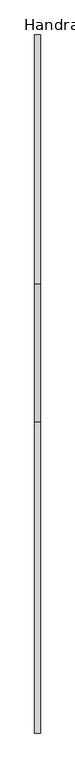
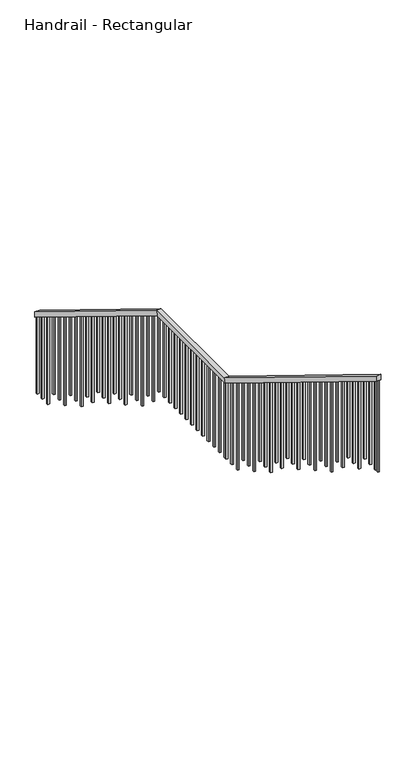
"""IFC4 building model written with IfcOpenShell, lengths in millimetres: railing geometry, Handrail - Rectangular."""

from ifc_helpers import new_model, si_unit, frame, origin, place, context, project, spatial, polyline, outline, extrude, faceted_brep, source, transform, mapped, element, save


def handrail_rectangular_7aeb163b(model_context):
    return source(origin(), model_context, "Body", "SolidModel", [
        faceted_brep([(2025.6499995, 20358.1, 10452.1), (2025.6499995, 20358.1, 10392.4981634), (1974.8499995, 20358.1, 10392.4981634), (1974.8499995, 20358.1, 10452.1), (2025.6499995, 18122.9, 11823.7), (2025.6499995, 18108.5562663, 11772.9), (1974.8499995, 18108.5562663, 11772.9), (1974.8499995, 18122.9, 11823.7), (2025.6499995, 16878.3, 11823.7), (2025.6499995, 16863.9562663, 11772.9), (1974.8499995, 16863.9562663, 11772.9), (1974.8499995, 16878.3, 11823.7), (2025.6499995, 14084.3, 13538.2), (1974.8499995, 14084.3, 13538.2), (1974.8499995, 14084.3, 13478.5981634), (2025.6499995, 14084.3, 13478.5981634)], [[[0, 1, 2, 3]], [[1, 0, 4, 5]], [[2, 1, 5, 6]], [[3, 2, 6, 7]], [[0, 3, 7, 4]], [[5, 4, 8, 9]], [[6, 5, 9, 10]], [[7, 6, 10, 11]], [[4, 7, 11, 8]], [[12, 13, 14, 15]], [[9, 8, 12, 15]], [[10, 9, 15, 14]], [[11, 10, 14, 13]], [[8, 11, 13, 12]]]),
        extrude(outline(polyline([(14144.625, 13441.5805498), (14144.625, 12452.35), (14125.575, 12452.35), (14125.575, 13453.2703225), (14144.625, 13441.5805498)])), frame((1990.7249995, 0.0, 0.0), z_axis=(1.0, 0.0, 0.0), x_axis=(0.0, 1.0, 0.0)), (0.0, 0.0, 1.0), 19.05),
        extrude(outline(polyline([(14246.225, 13379.2350952), (14246.225, 12452.35), (14227.175, 12452.35), (14227.175, 13390.9248679), (14246.225, 13379.2350952)])), frame((1990.7249995, 0.0, 0.0), z_axis=(1.0, 0.0, 0.0), x_axis=(0.0, 1.0, 0.0)), (0.0, 0.0, 1.0), 19.05),
        extrude(outline(polyline([(14347.825, 13316.8896407), (14347.825, 12452.35), (14328.775, 12452.35), (14328.775, 13328.5794134), (14347.825, 13316.8896407)])), frame((1990.7249995, 0.0, 0.0), z_axis=(1.0, 0.0, 0.0), x_axis=(0.0, 1.0, 0.0)), (0.0, 0.0, 1.0), 19.05),
        extrude(outline(polyline([(14449.425, 13254.5441861), (14449.425, 12280.9), (14430.375, 12280.9), (14430.375, 13266.2339589), (14449.425, 13254.5441861)])), frame((1990.7249995, 0.0, 0.0), z_axis=(1.0, 0.0, 0.0), x_axis=(0.0, 1.0, 0.0)), (0.0, 0.0, 1.0), 19.05),
        extrude(outline(polyline([(14551.025, 13192.1987316), (14551.025, 12280.9), (14531.975, 12280.9), (14531.975, 13203.8885043), (14551.025, 13192.1987316)])), frame((1990.7249995, 0.0, 0.0), z_axis=(1.0, 0.0, 0.0), x_axis=(0.0, 1.0, 0.0)), (0.0, 0.0, 1.0), 19.05),
        extrude(outline(polyline([(14652.625, 13129.853277), (14652.625, 12280.9), (14633.575, 12280.9), (14633.575, 13141.5430498), (14652.625, 13129.853277)])), frame((1990.7249995, 0.0, 0.0), z_axis=(1.0, 0.0, 0.0), x_axis=(0.0, 1.0, 0.0)), (0.0, 0.0, 1.0), 19.05),
        extrude(outline(polyline([(14754.225, 13067.5078225), (14754.225, 12109.45), (14735.175, 12109.45), (14735.175, 13079.1975952), (14754.225, 13067.5078225)])), frame((1990.7249995, 0.0, 0.0), z_axis=(1.0, 0.0, 0.0), x_axis=(0.0, 1.0, 0.0)), (0.0, 0.0, 1.0), 19.05),
        extrude(outline(polyline([(14855.825, 13005.1623679), (14855.825, 12109.45), (14836.775, 12109.45), (14836.775, 13016.8521407), (14855.825, 13005.1623679)])), frame((1990.7249995, 0.0, 0.0), z_axis=(1.0, 0.0, 0.0), x_axis=(0.0, 1.0, 0.0)), (0.0, 0.0, 1.0), 19.05),
        extrude(outline(polyline([(14957.425, 12942.8169134), (14957.425, 11938.0), (14938.375, 11938.0), (14938.375, 12954.5066861), (14957.425, 12942.8169134)])), frame((1990.7249995, 0.0, 0.0), z_axis=(1.0, 0.0, 0.0), x_axis=(0.0, 1.0, 0.0)), (0.0, 0.0, 1.0), 19.05),
        extrude(outline(polyline([(15059.025, 12880.4714589), (15059.025, 11938.0), (15039.975, 11938.0), (15039.975, 12892.1612316), (15059.025, 12880.4714589)])), frame((1990.7249995, 0.0, 0.0), z_axis=(1.0, 0.0, 0.0), x_axis=(0.0, 1.0, 0.0)), (0.0, 0.0, 1.0), 19.05),
        extrude(outline(polyline([(15160.625, 12818.1260043), (15160.625, 11938.0), (15141.575, 11938.0), (15141.575, 12829.815777), (15160.625, 12818.1260043)])), frame((1990.7249995, 0.0, 0.0), z_axis=(1.0, 0.0, 0.0), x_axis=(0.0, 1.0, 0.0)), (0.0, 0.0, 1.0), 19.05),
        extrude(outline(polyline([(15262.225, 12755.7805498), (15262.225, 11766.55), (15243.175, 11766.55), (15243.175, 12767.4703225), (15262.225, 12755.7805498)])), frame((1990.7249995, 0.0, 0.0), z_axis=(1.0, 0.0, 0.0), x_axis=(0.0, 1.0, 0.0)), (0.0, 0.0, 1.0), 19.05),
        extrude(outline(polyline([(15363.825, 12693.4350952), (15363.825, 11766.55), (15344.775, 11766.55), (15344.775, 12705.1248679), (15363.825, 12693.4350952)])), frame((1990.7249995, 0.0, 0.0), z_axis=(1.0, 0.0, 0.0), x_axis=(0.0, 1.0, 0.0)), (0.0, 0.0, 1.0), 19.05),
        extrude(outline(polyline([(15465.425, 12631.0896407), (15465.425, 11766.55), (15446.375, 11766.55), (15446.375, 12642.7794134), (15465.425, 12631.0896407)])), frame((1990.7249995, 0.0, 0.0), z_axis=(1.0, 0.0, 0.0), x_axis=(0.0, 1.0, 0.0)), (0.0, 0.0, 1.0), 19.05),
        extrude(outline(polyline([(15567.025, 12568.7441861), (15567.025, 11595.1), (15547.975, 11595.1), (15547.975, 12580.4339589), (15567.025, 12568.7441861)])), frame((1990.7249995, 0.0, 0.0), z_axis=(1.0, 0.0, 0.0), x_axis=(0.0, 1.0, 0.0)), (0.0, 0.0, 1.0), 19.05),
        extrude(outline(polyline([(15668.625, 12506.3987316), (15668.625, 11595.1), (15649.575, 11595.1), (15649.575, 12518.0885043), (15668.625, 12506.3987316)])), frame((1990.7249995, 0.0, 0.0), z_axis=(1.0, 0.0, 0.0), x_axis=(0.0, 1.0, 0.0)), (0.0, 0.0, 1.0), 19.05),
        extrude(outline(polyline([(15770.225, 12444.053277), (15770.225, 11595.1), (15751.175, 11595.1), (15751.175, 12455.7430498), (15770.225, 12444.053277)])), frame((1990.7249995, 0.0, 0.0), z_axis=(1.0, 0.0, 0.0), x_axis=(0.0, 1.0, 0.0)), (0.0, 0.0, 1.0), 19.05),
        extrude(outline(polyline([(15871.825, 12381.7078225), (15871.825, 11423.65), (15852.775, 11423.65), (15852.775, 12393.3975952), (15871.825, 12381.7078225)])), frame((1990.7249995, 0.0, 0.0), z_axis=(1.0, 0.0, 0.0), x_axis=(0.0, 1.0, 0.0)), (0.0, 0.0, 1.0), 19.05),
        extrude(outline(polyline([(15973.425, 12319.3623679), (15973.425, 11423.65), (15954.375, 11423.65), (15954.375, 12331.0521407), (15973.425, 12319.3623679)])), frame((1990.7249995, 0.0, 0.0), z_axis=(1.0, 0.0, 0.0), x_axis=(0.0, 1.0, 0.0)), (0.0, 0.0, 1.0), 19.05),
        extrude(outline(polyline([(16075.025, 12257.0169134), (16075.025, 11252.2), (16055.975, 11252.2), (16055.975, 12268.7066861), (16075.025, 12257.0169134)])), frame((1990.7249995, 0.0, 0.0), z_axis=(1.0, 0.0, 0.0), x_axis=(0.0, 1.0, 0.0)), (0.0, 0.0, 1.0), 19.05),
        extrude(outline(polyline([(16176.625, 12194.6714589), (16176.625, 11252.2), (16157.575, 11252.2), (16157.575, 12206.3612316), (16176.625, 12194.6714589)])), frame((1990.7249995, 0.0, 0.0), z_axis=(1.0, 0.0, 0.0), x_axis=(0.0, 1.0, 0.0)), (0.0, 0.0, 1.0), 19.05),
        extrude(outline(polyline([(16278.225, 12132.3260043), (16278.225, 11252.2), (16259.175, 11252.2), (16259.175, 12144.015777), (16278.225, 12132.3260043)])), frame((1990.7249995, 0.0, 0.0), z_axis=(1.0, 0.0, 0.0), x_axis=(0.0, 1.0, 0.0)), (0.0, 0.0, 1.0), 19.05),
        extrude(outline(polyline([(16379.825, 12069.9805498), (16379.825, 11080.75), (16360.775, 11080.75), (16360.775, 12081.6703225), (16379.825, 12069.9805498)])), frame((1990.7249995, 0.0, 0.0), z_axis=(1.0, 0.0, 0.0), x_axis=(0.0, 1.0, 0.0)), (0.0, 0.0, 1.0), 19.05),
        extrude(outline(polyline([(16481.425, 12007.6350952), (16481.425, 11080.75), (16462.375, 11080.75), (16462.375, 12019.3248679), (16481.425, 12007.6350952)])), frame((1990.7249995, 0.0, 0.0), z_axis=(1.0, 0.0, 0.0), x_axis=(0.0, 1.0, 0.0)), (0.0, 0.0, 1.0), 19.05),
        extrude(outline(polyline([(16583.025, 11945.2896407), (16583.025, 11080.75), (16563.975, 11080.75), (16563.975, 11956.9794134), (16583.025, 11945.2896407)])), frame((1990.7249995, 0.0, 0.0), z_axis=(1.0, 0.0, 0.0), x_axis=(0.0, 1.0, 0.0)), (0.0, 0.0, 1.0), 19.05),
        extrude(outline(polyline([(16684.625, 11882.9441861), (16684.625, 10909.3), (16665.575, 10909.3), (16665.575, 11894.6339589), (16684.625, 11882.9441861)])), frame((1990.7249995, 0.0, 0.0), z_axis=(1.0, 0.0, 0.0), x_axis=(0.0, 1.0, 0.0)), (0.0, 0.0, 1.0), 19.05),
        extrude(outline(polyline([(16786.225, 11820.5987316), (16786.225, 10909.3), (16767.175, 10909.3), (16767.175, 11832.2885043), (16786.225, 11820.5987316)])), frame((1990.7249995, 0.0, 0.0), z_axis=(1.0, 0.0, 0.0), x_axis=(0.0, 1.0, 0.0)), (0.0, 0.0, 1.0), 19.05),
        extrude(outline(polyline([(2009.7749995, 16913.225), (2009.7749995, 16894.175), (1990.7249995, 16894.175), (1990.7249995, 16913.225), (2009.7749995, 16913.225)])), frame((0.0, 0.0, 10909.3), z_axis=(0.0, 0.0, 1.0), x_axis=(1.0, 0.0, 0.0)), (0.0, 0.0, 1.0), 863.6),
        extrude(outline(polyline([(2009.7749995, 17014.825), (2009.7749995, 16995.775), (1990.7249995, 16995.775), (1990.7249995, 17014.825), (2009.7749995, 17014.825)])), frame((0.0, 0.0, 10909.3), z_axis=(0.0, 0.0, 1.0), x_axis=(1.0, 0.0, 0.0)), (0.0, 0.0, 1.0), 863.6),
        extrude(outline(polyline([(2009.7749995, 17116.425), (2009.7749995, 17097.375), (1990.7249995, 17097.375), (1990.7249995, 17116.425), (2009.7749995, 17116.425)])), frame((0.0, 0.0, 10909.3), z_axis=(0.0, 0.0, 1.0), x_axis=(1.0, 0.0, 0.0)), (0.0, 0.0, 1.0), 863.6),
        extrude(outline(polyline([(2009.7749995, 17218.025), (2009.7749995, 17198.975), (1990.7249995, 17198.975), (1990.7249995, 17218.025), (2009.7749995, 17218.025)])), frame((0.0, 0.0, 10909.3), z_axis=(0.0, 0.0, 1.0), x_axis=(1.0, 0.0, 0.0)), (0.0, 0.0, 1.0), 863.6),
        extrude(outline(polyline([(2009.7749995, 17319.625), (2009.7749995, 17300.575), (1990.7249995, 17300.575), (1990.7249995, 17319.625), (2009.7749995, 17319.625)])), frame((0.0, 0.0, 10909.3), z_axis=(0.0, 0.0, 1.0), x_axis=(1.0, 0.0, 0.0)), (0.0, 0.0, 1.0), 863.6),
        extrude(outline(polyline([(2009.7749995, 17421.225), (2009.7749995, 17402.175), (1990.7249995, 17402.175), (1990.7249995, 17421.225), (2009.7749995, 17421.225)])), frame((0.0, 0.0, 10909.3), z_axis=(0.0, 0.0, 1.0), x_axis=(1.0, 0.0, 0.0)), (0.0, 0.0, 1.0), 863.6),
        extrude(outline(polyline([(2009.7749995, 17522.825), (2009.7749995, 17503.775), (1990.7249995, 17503.775), (1990.7249995, 17522.825), (2009.7749995, 17522.825)])), frame((0.0, 0.0, 10909.3), z_axis=(0.0, 0.0, 1.0), x_axis=(1.0, 0.0, 0.0)), (0.0, 0.0, 1.0), 863.6),
        extrude(outline(polyline([(2009.7749995, 17624.425), (2009.7749995, 17605.375), (1990.7249995, 17605.375), (1990.7249995, 17624.425), (2009.7749995, 17624.425)])), frame((0.0, 0.0, 10909.3), z_axis=(0.0, 0.0, 1.0), x_axis=(1.0, 0.0, 0.0)), (0.0, 0.0, 1.0), 863.6),
        extrude(outline(polyline([(2009.7749995, 17726.025), (2009.7749995, 17706.975), (1990.7249995, 17706.975), (1990.7249995, 17726.025), (2009.7749995, 17726.025)])), frame((0.0, 0.0, 10909.3), z_axis=(0.0, 0.0, 1.0), x_axis=(1.0, 0.0, 0.0)), (0.0, 0.0, 1.0), 863.6),
        extrude(outline(polyline([(2009.7749995, 17827.625), (2009.7749995, 17808.575), (1990.7249995, 17808.575), (1990.7249995, 17827.625), (2009.7749995, 17827.625)])), frame((0.0, 0.0, 10909.3), z_axis=(0.0, 0.0, 1.0), x_axis=(1.0, 0.0, 0.0)), (0.0, 0.0, 1.0), 863.6),
        extrude(outline(polyline([(2009.7749995, 17929.225), (2009.7749995, 17910.175), (1990.7249995, 17910.175), (1990.7249995, 17929.225), (2009.7749995, 17929.225)])), frame((0.0, 0.0, 10909.3), z_axis=(0.0, 0.0, 1.0), x_axis=(1.0, 0.0, 0.0)), (0.0, 0.0, 1.0), 863.6),
        extrude(outline(polyline([(2009.7749995, 18030.825), (2009.7749995, 18011.775), (1990.7249995, 18011.775), (1990.7249995, 18030.825), (2009.7749995, 18030.825)])), frame((0.0, 0.0, 10909.3), z_axis=(0.0, 0.0, 1.0), x_axis=(1.0, 0.0, 0.0)), (0.0, 0.0, 1.0), 863.6),
        extrude(outline(polyline([(18234.025, 11695.9078225), (18234.025, 10737.85), (18214.975, 10737.85), (18214.975, 11707.5975952), (18234.025, 11695.9078225)])), frame((1990.7249995, 0.0, 0.0), z_axis=(1.0, 0.0, 0.0), x_axis=(0.0, 1.0, 0.0)), (0.0, 0.0, 1.0), 19.05),
        extrude(outline(polyline([(18335.625, 11633.5623679), (18335.625, 10737.85), (18316.575, 10737.85), (18316.575, 11645.2521407), (18335.625, 11633.5623679)])), frame((1990.7249995, 0.0, 0.0), z_axis=(1.0, 0.0, 0.0), x_axis=(0.0, 1.0, 0.0)), (0.0, 0.0, 1.0), 19.05),
        extrude(outline(polyline([(18437.225, 11571.2169134), (18437.225, 10566.4), (18418.175, 10566.4), (18418.175, 11582.9066861), (18437.225, 11571.2169134)])), frame((1990.7249995, 0.0, 0.0), z_axis=(1.0, 0.0, 0.0), x_axis=(0.0, 1.0, 0.0)), (0.0, 0.0, 1.0), 19.05),
        extrude(outline(polyline([(18538.825, 11508.8714589), (18538.825, 10566.4), (18519.775, 10566.4), (18519.775, 11520.5612316), (18538.825, 11508.8714589)])), frame((1990.7249995, 0.0, 0.0), z_axis=(1.0, 0.0, 0.0), x_axis=(0.0, 1.0, 0.0)), (0.0, 0.0, 1.0), 19.05),
        extrude(outline(polyline([(18640.425, 11446.5260043), (18640.425, 10566.4), (18621.375, 10566.4), (18621.375, 11458.215777), (18640.425, 11446.5260043)])), frame((1990.7249995, 0.0, 0.0), z_axis=(1.0, 0.0, 0.0), x_axis=(0.0, 1.0, 0.0)), (0.0, 0.0, 1.0), 19.05),
        extrude(outline(polyline([(18742.025, 11384.1805498), (18742.025, 10394.95), (18722.975, 10394.95), (18722.975, 11395.8703225), (18742.025, 11384.1805498)])), frame((1990.7249995, 0.0, 0.0), z_axis=(1.0, 0.0, 0.0), x_axis=(0.0, 1.0, 0.0)), (0.0, 0.0, 1.0), 19.05),
        extrude(outline(polyline([(18843.625, 11321.8350952), (18843.625, 10394.95), (18824.575, 10394.95), (18824.575, 11333.5248679), (18843.625, 11321.8350952)])), frame((1990.7249995, 0.0, 0.0), z_axis=(1.0, 0.0, 0.0), x_axis=(0.0, 1.0, 0.0)), (0.0, 0.0, 1.0), 19.05),
        extrude(outline(polyline([(18945.225, 11259.4896407), (18945.225, 10394.95), (18926.175, 10394.95), (18926.175, 11271.1794134), (18945.225, 11259.4896407)])), frame((1990.7249995, 0.0, 0.0), z_axis=(1.0, 0.0, 0.0), x_axis=(0.0, 1.0, 0.0)), (0.0, 0.0, 1.0), 19.05),
        extrude(outline(polyline([(19046.825, 11197.1441861), (19046.825, 10223.5), (19027.775, 10223.5), (19027.775, 11208.8339589), (19046.825, 11197.1441861)])), frame((1990.7249995, 0.0, 0.0), z_axis=(1.0, 0.0, 0.0), x_axis=(0.0, 1.0, 0.0)), (0.0, 0.0, 1.0), 19.05),
        extrude(outline(polyline([(19148.425, 11134.7987316), (19148.425, 10223.5), (19129.375, 10223.5), (19129.375, 11146.4885043), (19148.425, 11134.7987316)])), frame((1990.7249995, 0.0, 0.0), z_axis=(1.0, 0.0, 0.0), x_axis=(0.0, 1.0, 0.0)), (0.0, 0.0, 1.0), 19.05),
        extrude(outline(polyline([(19250.025, 11072.453277), (19250.025, 10223.5), (19230.975, 10223.5), (19230.975, 11084.1430498), (19250.025, 11072.453277)])), frame((1990.7249995, 0.0, 0.0), z_axis=(1.0, 0.0, 0.0), x_axis=(0.0, 1.0, 0.0)), (0.0, 0.0, 1.0), 19.05),
        extrude(outline(polyline([(19351.625, 11010.1078225), (19351.625, 10052.05), (19332.575, 10052.05), (19332.575, 11021.7975952), (19351.625, 11010.1078225)])), frame((1990.7249995, 0.0, 0.0), z_axis=(1.0, 0.0, 0.0), x_axis=(0.0, 1.0, 0.0)), (0.0, 0.0, 1.0), 19.05),
        extrude(outline(polyline([(19453.225, 10947.7623679), (19453.225, 10052.05), (19434.175, 10052.05), (19434.175, 10959.4521407), (19453.225, 10947.7623679)])), frame((1990.7249995, 0.0, 0.0), z_axis=(1.0, 0.0, 0.0), x_axis=(0.0, 1.0, 0.0)), (0.0, 0.0, 1.0), 19.05),
        extrude(outline(polyline([(19554.825, 10885.4169134), (19554.825, 9880.6), (19535.775, 9880.6), (19535.775, 10897.1066861), (19554.825, 10885.4169134)])), frame((1990.7249995, 0.0, 0.0), z_axis=(1.0, 0.0, 0.0), x_axis=(0.0, 1.0, 0.0)), (0.0, 0.0, 1.0), 19.05),
        extrude(outline(polyline([(19656.425, 10823.0714589), (19656.425, 9880.6), (19637.375, 9880.6), (19637.375, 10834.7612316), (19656.425, 10823.0714589)])), frame((1990.7249995, 0.0, 0.0), z_axis=(1.0, 0.0, 0.0), x_axis=(0.0, 1.0, 0.0)), (0.0, 0.0, 1.0), 19.05),
        extrude(outline(polyline([(19758.025, 10760.7260043), (19758.025, 9880.6), (19738.975, 9880.6), (19738.975, 10772.415777), (19758.025, 10760.7260043)])), frame((1990.7249995, 0.0, 0.0), z_axis=(1.0, 0.0, 0.0), x_axis=(0.0, 1.0, 0.0)), (0.0, 0.0, 1.0), 19.05),
        extrude(outline(polyline([(19859.625, 10698.3805498), (19859.625, 9709.15), (19840.575, 9709.15), (19840.575, 10710.0703225), (19859.625, 10698.3805498)])), frame((1990.7249995, 0.0, 0.0), z_axis=(1.0, 0.0, 0.0), x_axis=(0.0, 1.0, 0.0)), (0.0, 0.0, 1.0), 19.05),
        extrude(outline(polyline([(19961.225, 10636.0350952), (19961.225, 9709.15), (19942.175, 9709.15), (19942.175, 10647.7248679), (19961.225, 10636.0350952)])), frame((1990.7249995, 0.0, 0.0), z_axis=(1.0, 0.0, 0.0), x_axis=(0.0, 1.0, 0.0)), (0.0, 0.0, 1.0), 19.05),
        extrude(outline(polyline([(20062.825, 10573.6896407), (20062.825, 9709.15), (20043.775, 9709.15), (20043.775, 10585.3794134), (20062.825, 10573.6896407)])), frame((1990.7249995, 0.0, 0.0), z_axis=(1.0, 0.0, 0.0), x_axis=(0.0, 1.0, 0.0)), (0.0, 0.0, 1.0), 19.05),
        extrude(outline(polyline([(20164.425, 10511.3441861), (20164.425, 9537.7), (20145.375, 9537.7), (20145.375, 10523.0339589), (20164.425, 10511.3441861)])), frame((1990.7249995, 0.0, 0.0), z_axis=(1.0, 0.0, 0.0), x_axis=(0.0, 1.0, 0.0)), (0.0, 0.0, 1.0), 19.05),
        extrude(outline(polyline([(20266.025, 10448.9987316), (20266.025, 9537.7), (20246.975, 9537.7), (20246.975, 10460.6885043), (20266.025, 10448.9987316)])), frame((1990.7249995, 0.0, 0.0), z_axis=(1.0, 0.0, 0.0), x_axis=(0.0, 1.0, 0.0)), (0.0, 0.0, 1.0), 19.05),
        extrude(outline(polyline([(2009.7749995, 16887.825), (2009.7749995, 16868.775), (1990.7249995, 16868.775), (1990.7249995, 16887.825), (2009.7749995, 16887.825)])), frame((0.0, 0.0, 10909.3), z_axis=(0.0, 0.0, 1.0), x_axis=(1.0, 0.0, 0.0)), (0.0, 0.0, 1.0), 863.6),
        extrude(outline(polyline([(18132.425, 11758.253277), (18132.425, 10909.3), (18113.375, 10909.3), (18113.375, 11769.9430498), (18132.425, 11758.253277)])), frame((1990.7249995, 0.0, 0.0), z_axis=(1.0, 0.0, 0.0), x_axis=(0.0, 1.0, 0.0)), (0.0, 0.0, 1.0), 19.05),
        extrude(outline(polyline([(14103.35, 13466.9083907), (14103.35, 12452.35), (14084.3, 12452.35), (14084.3, 13478.5981634), (14103.35, 13466.9083907)])), frame((1990.7249995, 0.0, 0.0), z_axis=(1.0, 0.0, 0.0), x_axis=(0.0, 1.0, 0.0)), (0.0, 0.0, 1.0), 19.05),
        extrude(outline(polyline([(20358.1, 10392.4981634), (20358.1, 9537.7), (20339.05, 9537.7), (20339.05, 10404.1879361), (20358.1, 10392.4981634)])), frame((1990.7249995, 0.0, 0.0), z_axis=(1.0, 0.0, 0.0), x_axis=(0.0, 1.0, 0.0)), (0.0, 0.0, 1.0), 19.05),
    ])


if __name__ == "__main__":
    model = new_model("IFC4")
    model_context = context("Model", 3, world=origin())
    ifc_project = project(units=[si_unit("LENGTHUNIT", "METRE", prefix="MILLI")], contexts=[model_context])
    site = spatial("IfcSite", under=ifc_project)
    building = spatial("IfcBuilding", under=site)
    placement = place(None, origin())
    handrail_rectangular_shape = handrail_rectangular_7aeb163b(model_context)
    element("IfcRailing", 1, ObjectType="Handrail - Rectangular", at=placement, inside=building, context=model_context, shape_type="MappedRepresentation", body=[
        mapped(handrail_rectangular_shape, transform((0.0, 0.0, 0.0), x_axis=(1.0, 0.0, 0.0), y_axis=(0.0, 1.0, 0.0), z_axis=(0.0, 0.0, 1.0))),
    ])
    save(model, "model.ifc")

Problem details: Count the lines of these entries that hold the string "save", and give only that number.

Response below: 2